W nabożnym skupieniu zapoznałem się z prywatnymi wynurzeniami urzędującego doradcy prezesa NBP nt. katastrofy, jaką niesie ze sobą dla Europy wspólna waluta (Cezary Mech „Eurotragedia", „Rzeczpospolita", 22 maja 2019 r.). Łatwe to nie było, bo klarowność wywodu pozostawiała co nieco do życzenia. Pomijam milczeniem polityzujące dyskusje o euro, pozostające na żenującym nieraz poziomie wtręty i wycieczki doradcy prezesa pod adresem adwersarzy.
Uchwycenie linii wywodu byłego wiceministra finansów ułatwiło mi to, że miałem już okazję zapoznać się z publikacjami przywoływanymi przez Cezarego Mecha dla poparcia jego głównej tezy. Stąd – jak mi się wydaje – pojąłem nie tylko czołowy zarzut pod adresem euro, stawiany przez pana Mecha, ale i dostrzegłem kilka drobnych uchybień i przemilczeń w wywodzie czcigodnego Autora, przywołującego z aprobatą prace Ashoki Mody'ego czy Alessandro Gasparottiego i Mathiassa Kullasa.

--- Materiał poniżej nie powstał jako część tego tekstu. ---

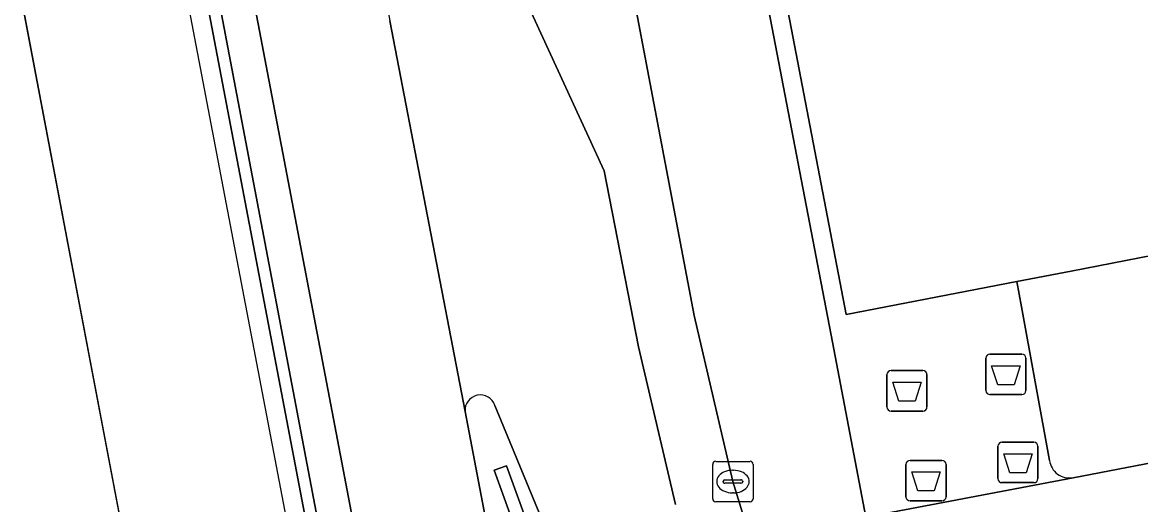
# Model space of a CAD drawing. Extents: x 159262 to 160143, y 383399 to 384319.
# Drawn here: x 159289.72 to 159317.37, y 383873.58 to 383885.51 of the extents above; entities that cross this region are included whole.
import ezdxf

# ---------------------------------------------------------------- set-up
doc = ezdxf.new("R2010")
doc.units = 0
for name, color, linetype in [('IMGEO_Afval_apart_plaats', 7, 'Continuous'), ('IMGEO_Berm_groen', 7, 'Continuous'), ('IMGEO_Berm_open', 7, 'Continuous'), ('IMGEO_Erf', 7, 'Continuous'), ('IMGEO_Groenvoorziening', 7, 'Continuous'), ('IMGEO_Haag', 7, 'Continuous'), ('IMGEO_Kolk', 7, 'Continuous'), ('IMGEO_Lijnafwatering', 7, 'Continuous'), ('IMGEO_Muur', 7, 'Continuous'), ('IMGEO_Pand', 7, 'Continuous'), ('IMGEO_Rijbaan_lokaal_gesloten', 7, 'Continuous'), ('IMGEO_Rijbaan_lokaal_open', 7, 'Continuous'), ('IMGEO_Rijbaan_regionaal_gesloten', 7, 'Continuous'), ('IMGEO_Voetpad_open', 7, 'Continuous')]:
    doc.layers.add(name, color=color, linetype=linetype)

msp = doc.modelspace()

# ---------------------------------------------------------------- linework, layer by layer
at = {"layer": 'IMGEO_Afval_apart_plaats'}
for p, q in [((159313.647, 383877.308), (159314.437, 383877.308)), ((159314.437, 383877.308), (159313.647, 383877.308)), ((159313.547, 383876.408), (159313.547, 383877.208)), ((159313.547, 383877.208), (159313.547, 383876.408)), ((159314.537, 383877.208), (159314.537, 383876.408)), ((159314.537, 383876.408), (159314.537, 383877.208)), ((159311.101, 383876), (159311.101, 383876.8)), ((159311.101, 383876.8), (159311.101, 383876)), ((159311.201, 383876.9), (159311.991, 383876.9)), ((159311.991, 383876.9), (159311.201, 383876.9)), ((159312.091, 383876.8), (159312.091, 383876)), ((159312.091, 383876), (159312.091, 383876.8)), ((159314.437, 383876.308), (159313.647, 383876.308)), ((159313.647, 383876.308), (159314.437, 383876.308)), ((159311.991, 383875.9), (159311.201, 383875.9)), ((159311.201, 383875.9), (159311.991, 383875.9)), ((159313.945, 383875.128), (159314.735, 383875.128)), ((159314.735, 383875.128), (159313.945, 383875.128)), ((159313.845, 383874.228), (159313.845, 383875.028)), ((159313.845, 383875.028), (159313.845, 383874.228)), ((159314.835, 383875.028), (159314.835, 383874.228)), ((159314.835, 383874.228), (159314.835, 383875.028)), ((159311.571, 383873.778), (159311.571, 383874.578)), ((159311.571, 383874.578), (159311.571, 383873.778)), ((159311.671, 383874.678), (159312.461, 383874.678)), ((159312.461, 383874.678), (159311.671, 383874.678)), ((159312.561, 383874.578), (159312.561, 383873.778)), ((159312.561, 383873.778), (159312.561, 383874.578)), ((159314.735, 383874.128), (159313.945, 383874.128)), ((159313.945, 383874.128), (159314.735, 383874.128)), ((159312.461, 383873.678), (159311.671, 383873.678)), ((159311.671, 383873.678), (159312.461, 383873.678))]:
    msp.add_line(p, q, dxfattribs=at)
for points in [[(159313.69, 383877.022), (159314.394, 383877.022), (159314.245, 383876.552), (159313.839, 383876.552), (159313.69, 383877.022)], [(159311.244, 383876.614), (159311.948, 383876.614), (159311.799, 383876.144), (159311.393, 383876.144), (159311.244, 383876.614)], [(159313.988, 383874.842), (159314.692, 383874.842), (159314.543, 383874.372), (159314.137, 383874.372), (159313.988, 383874.842)], [(159311.714, 383874.392), (159312.418, 383874.392), (159312.269, 383873.922), (159311.863, 383873.922), (159311.714, 383874.392)]]:
    msp.add_lwpolyline(points, dxfattribs=at)
for centre, start, end in [((159313.647, 383877.208), 90, 180), ((159313.647, 383877.208), 90, 180), ((159314.437, 383877.208), 0, 90), ((159314.437, 383877.208), 360, 90), ((159311.201, 383876.8), 90, 180), ((159311.201, 383876.8), 90, 180), ((159311.991, 383876.8), 0, 90), ((159311.991, 383876.8), 360, 90), ((159313.647, 383876.408), 180, 270), ((159313.647, 383876.408), 180, 270), ((159314.437, 383876.408), 270, 0), ((159314.437, 383876.408), 270, 0), ((159311.201, 383876), 180, 270), ((159311.201, 383876), 180, 270), ((159311.991, 383876), 270, 0), ((159311.991, 383876), 270, 0), ((159313.945, 383875.028), 90, 180), ((159313.945, 383875.028), 90, 180), ((159314.735, 383875.028), 0, 90), ((159314.735, 383875.028), 360, 90), ((159311.671, 383874.578), 90, 180), ((159311.671, 383874.578), 90, 180), ((159312.461, 383874.578), 0, 90), ((159312.461, 383874.578), 360, 90), ((159313.945, 383874.228), 180, 270), ((159313.945, 383874.228), 180, 270), ((159314.735, 383874.228), 270, 0), ((159314.735, 383874.228), 270, 0), ((159311.671, 383873.778), 180, 270), ((159311.671, 383873.778), 180, 270), ((159312.461, 383873.778), 270, 0), ((159312.461, 383873.778), 270, 0)]:
    msp.add_arc(centre, 0.1, start, end, dxfattribs=at)
at = {"layer": 'IMGEO_Berm_groen'}
for points in [[(159302.875, 383872.48), (159301.405, 383876.036)], [(159300.668, 383875.89), (159301.684, 383870.559), (159305.298, 383851.601), (159308.807, 383833.455), (159312.065, 383816.27), (159313.356, 383809.503), (159318.245, 383783.881), (159321.342, 383767.668), (159321.513, 383766.682), (159322.954, 383766.957), (159320.139, 383784.999), (159317.424, 383802.205), (159316.588, 383807.359), (159316.083, 383810.325), (159315.304, 383814.483), (159311.272, 383835.538), (159307.998, 383852.69), (159305.88, 383863.75)], [(159305.782, 383861.189), (159315.649, 383810.084), (159322.585, 383766.955), (159322.047, 383766.911), (159313.799, 383809.591), (159315.234, 383809.973), (159314.42, 383814.315), (159310.388, 383835.369), (159307.114, 383852.521), (159304.897, 383864.099), (159304.05, 383867.063), (159301.384, 383874.434), (159301.691, 383874.543), (159303.045, 383870.823)]]:
    msp.add_lwpolyline(points, dxfattribs=at)
msp.add_arc((159301.045, 383875.919), 0.378, 18.044, 184.3665, dxfattribs=at)
at = {"layer": 'IMGEO_Berm_open'}
for points in [[(159281.754, 383957.326), (159281.061, 383957.173), (159314.487, 383781.303), (159314.238, 383781.271), (159314.691, 383777.713)], [(159316.213, 383777.09), (159315.456, 383780.799), (159309.353, 383813.036), (159303.32, 383844.753), (159290.389, 383912.552)]]:
    msp.add_lwpolyline(points, dxfattribs=at)
at = {"layer": 'IMGEO_Erf'}
for points in [[(159295.809, 383950.222), (159309.755, 383877.603), (159310.579, 383873.273), (159315.702, 383874.25)], [(159314.427, 383878.477), (159314.314, 383879.102), (159310.092, 383878.286), (159306.566, 383896.694), (159307.503, 383896.863), (159306.581, 383901.444), (159305.696, 383901.265), (159302.15, 383919.663), (159303.092, 383919.834), (159302.209, 383924.429), (159301.271, 383924.249), (159297.057, 383946.185), (159297.976, 383946.332), (159297.83, 383947.158)], [(159315.121, 383874.68), (159314.427, 383878.477)]]:
    msp.add_lwpolyline(points, dxfattribs=at)
msp.add_arc((159315.619, 383874.746), 0.503, 187.5236, 279.4659, dxfattribs=at)
at = {"layer": 'IMGEO_Groenvoorziening'}
msp.add_lwpolyline([(159303.045, 383870.823), (159301.691, 383874.543), (159301.384, 383874.434), (159304.05, 383867.063), (159304.897, 383864.099), (159307.114, 383852.521), (159310.388, 383835.369), (159314.42, 383814.315), (159315.234, 383809.973), (159313.799, 383809.591), (159322.047, 383766.911), (159322.585, 383766.955), (159315.649, 383810.084), (159305.782, 383861.189)], dxfattribs=at)
at = {"layer": 'IMGEO_Haag'}
msp.add_lwpolyline([(159303.045, 383870.823), (159301.691, 383874.543), (159301.384, 383874.434), (159304.05, 383867.063), (159304.897, 383864.099), (159307.114, 383852.521), (159310.388, 383835.369), (159314.42, 383814.315), (159315.234, 383809.973), (159313.799, 383809.591), (159322.047, 383766.911), (159322.585, 383766.955), (159315.649, 383810.084)], dxfattribs=at)
at = {"layer": 'IMGEO_Kolk'}
for p, q in [((159306.792, 383873.729), (159306.792, 383874.581)), ((159306.867, 383874.655), (159307.719, 383874.655)), ((159307.793, 383874.581), (159307.793, 383873.729)), ((159307.28, 383874.435), (159307.305, 383874.435)), ((159307.051, 383874.149), (159307.051, 383874.161)), ((159307.489, 383874.112), (159307.091, 383874.112)), ((159307.094, 383874.198), (159307.492, 383874.198)), ((159307.535, 383874.161), (159307.535, 383874.149)), ((159307.303, 383873.875), (159307.278, 383873.875)), ((159307.719, 383873.655), (159306.867, 383873.655))]:
    msp.add_line(p, q, dxfattribs=at)
for points in [[(159306.792, 383873.729), (159306.792, 383874.581)], [(159306.867, 383874.655), (159307.719, 383874.655)], [(159307.793, 383874.581), (159307.793, 383873.729)], [(159307.719, 383873.655), (159306.867, 383873.655)]]:
    msp.add_lwpolyline(points, dxfattribs=at)
for centre, radius, start, end in [((159306.869, 383874.579), 0.0765, 91.552, 178.448), ((159306.869, 383874.579), 0.0765, 91.552, 178.448), ((159307.717, 383874.579), 0.0765, 1.552, 88.448), ((159307.717, 383874.579), 0.0765, 1.552, 88.448), ((159307.091, 383874.158), 0.0403, 85.8775, 175.7526), ((159307.088, 383874.148), 0.0366, 178.938, 274.7102), ((159307.492, 383874.155), 0.043, 264.8664, 352.4533), ((159307.496, 383874.16), 0.0386, 1.7309, 96.639), ((159306.869, 383873.731), 0.0765, 181.552, 268.448), ((159306.869, 383873.731), 0.0765, 181.552, 268.448), ((159307.717, 383873.731), 0.0765, 271.552, 358.448), ((159307.717, 383873.731), 0.0765, 271.552, 358.448)]:
    msp.add_arc(centre, radius, start, end, dxfattribs=at)
for centre, major_axis, ratio, start_param, end_param in [((159307.279, 383874.155), (-0.387, 0.002), 0.722429, 4.712389, 7.853982), ((159307.304, 383874.155), (-0.39, 0.002), 0.717154, 1.570796, 4.712389)]:
    msp.add_ellipse(centre, major_axis=major_axis, ratio=ratio, start_param=start_param, end_param=end_param, dxfattribs=at)
at = {"layer": 'IMGEO_Lijnafwatering'}
for points in [[(159291.248, 383899.45), (159294.994, 383879.804)], [(159294.994, 383879.804), (159298.74, 383860.158)]]:
    msp.add_lwpolyline(points, dxfattribs=at)
at = {"layer": 'IMGEO_Muur'}
msp.add_lwpolyline([(159281.061, 383957.173), (159280.741, 383957.112), (159314.238, 383781.271), (159314.487, 383781.303)], close=True, dxfattribs=at)
at = {"layer": 'IMGEO_Pand'}
msp.add_lwpolyline([(159306.566, 383896.694), (159310.092, 383878.286), (159314.314, 383879.102), (159315.658, 383879.361), (159317.686, 383879.753), (159319, 383880.007), (159323.191, 383880.817), (159323.148, 383881.041), (159319.635, 383899.22)], dxfattribs=at)
at = {"layer": 'IMGEO_Rijbaan_lokaal_gesloten'}
for points in [[(159311.396, 383856.537), (159310.248, 383862.443), (159309.824, 383864.824), (159309.389, 383866.455), (159307.656, 383872.978), (159307.292, 383874.155), (159306.334, 383878.266), (159304.648, 383887.128), (159302.679, 383886.702)], [(159301.971, 383886.489), (159304.106, 383881.843), (159304.961, 383877.492), (159305.87, 383873.584)]]:
    msp.add_lwpolyline(points, dxfattribs=at)
at = {"layer": 'IMGEO_Rijbaan_lokaal_open'}
for points in [[(159305.87, 383873.584), (159304.961, 383877.492), (159304.106, 383881.843), (159301.971, 383886.489), (159301.019, 383888.528), (159297.197, 383896.926), (159296.639, 383898.589), (159297.941, 383890.368), (159298.805, 383885.554), (159300.668, 383875.89)], [(159301.405, 383876.036), (159302.875, 383872.48)]]:
    msp.add_lwpolyline(points, dxfattribs=at)
msp.add_lwpolyline([(159334.397, 383882.722), (159328.559, 383881.593), (159328.749, 383880.666), (159328.413, 383880.578), (159329.077, 383877.128), (159319.475, 383874.969), (159315.702, 383874.25), (159310.579, 383873.273), (159310.508, 383873.119), (159311.553, 383867.258), (159312.476, 383867.433), (159336.505, 383871.985), (159335.897, 383874.965), (159335.77, 383875.636)], close=True, dxfattribs=at)
msp.add_arc((159301.045, 383875.919), 0.378, 18.044, 184.3665, dxfattribs=at)
at = {"layer": 'IMGEO_Rijbaan_regionaal_gesloten'}
for points in [[(159280.211, 384172.631), (159274.487, 384158.497), (159272.013, 384150.923), (159269.535, 384141.678), (159267.507, 384132.324), (159266.005, 384119.851), (159265.496, 384109.233), (159267.965, 384029.162), (159271.62, 383998.252), (159277.018, 383952.804), (159311.634, 383770.65), (159326.117, 383701.416), (159334.862, 383664.196), (159338.544, 383665.089), (159336.511, 383673.455), (159336.041, 383675.319), (159332.664, 383689.455), (159329.732, 383702.333), (159329.536, 383702.291), (159316.548, 383763.855), (159316.542, 383763.881), (159316.537, 383763.907), (159316.287, 383765.107), (159315.145, 383771.238)], [(159325.952, 383685.388), (159327.175, 383680.053), (159328.984, 383672.539), (159331.18, 383663.302), (159334.862, 383664.196), (159326.117, 383701.416), (159311.634, 383770.65), (159277.018, 383952.804), (159271.62, 383998.252), (159267.965, 384029.162)], [(159314.691, 383777.713), (159314.238, 383781.271), (159280.741, 383957.112), (159281.061, 383957.173), (159281.028, 383957.348), (159280.954, 383957.749), (159280.773, 383959.33), (159280.661, 383960.306), (159280.387, 383962.692), (159280.125, 383964.98), (159278.545, 383978.753), (159278.462, 383979.478), (159278.393, 383980.079), (159278.303, 383980.866), (159278.275, 383981.108), (159278.176, 383981.973), (159277.369, 383989.002), (159277.274, 383989.833), (159277.236, 383990.167), (159275.344, 384006.661)], [(159290.389, 383912.552), (159303.32, 383844.753), (159309.353, 383813.036)], [(159308.807, 383833.455), (159305.298, 383851.601), (159301.684, 383870.559), (159300.668, 383875.89), (159298.805, 383885.554)]]:
    msp.add_lwpolyline(points, dxfattribs=at)
at = {"layer": 'IMGEO_Voetpad_open'}
for points in [[(159293.61, 383945.127), (159304.648, 383887.128), (159306.334, 383878.266), (159307.292, 383874.155), (159307.656, 383872.978), (159308.096, 383873.084), (159310.508, 383873.119), (159310.579, 383873.273), (159309.755, 383877.603), (159295.809, 383950.222)], [(159319.118, 383879.394), (159319, 383880.007), (159317.686, 383879.753), (159315.658, 383879.361), (159314.314, 383879.102), (159314.427, 383878.477), (159315.121, 383874.68)], [(159315.702, 383874.25), (159319.475, 383874.969)]]:
    msp.add_lwpolyline(points, dxfattribs=at)
msp.add_arc((159315.619, 383874.746), 0.503, 187.5236, 279.4659, dxfattribs=at)

doc.saveas('drawing.dxf')

Właśnie do brakujących ogniw chcę nawiązać. Tajemnicą nie jest wielokroć przywoływany z niejaką satysfakcją przez przeciwników euro nierówny podział korzyści między krajami strefy wspólnego pieniądza, czy – ujmując rzec w kategoriach makroekonomicznych – realna dekonwergencja, która nastąpiła w miejsce oczekiwanej po przyjęciu euro konwergencji. Mniej rzetelni przeciwnicy euro pomijają milczeniem przyczyny dekonwergencji. Ci bardziej poprawni warsztatowo nie wahają się ich wskazać. Utrata konkurencyjności, bo to ona w średnim i długim okresie jest praprzyczyną realnej dekonwergencji gospodarek Północy i Południa strefy euro, nie była w prostej linii następstwem wprowadzenia tej waluty. Bezpośrednią przyczyną była samobójcza, w pełni autonomiczna polityka gospodarcza, która doprowadziła niektóre kraje do gigantycznego rozjazdu płac i produktywności oraz katastrofalnego rozziewu między bilansem sektora finansów publicznych i wysokością wypłacanych transferów.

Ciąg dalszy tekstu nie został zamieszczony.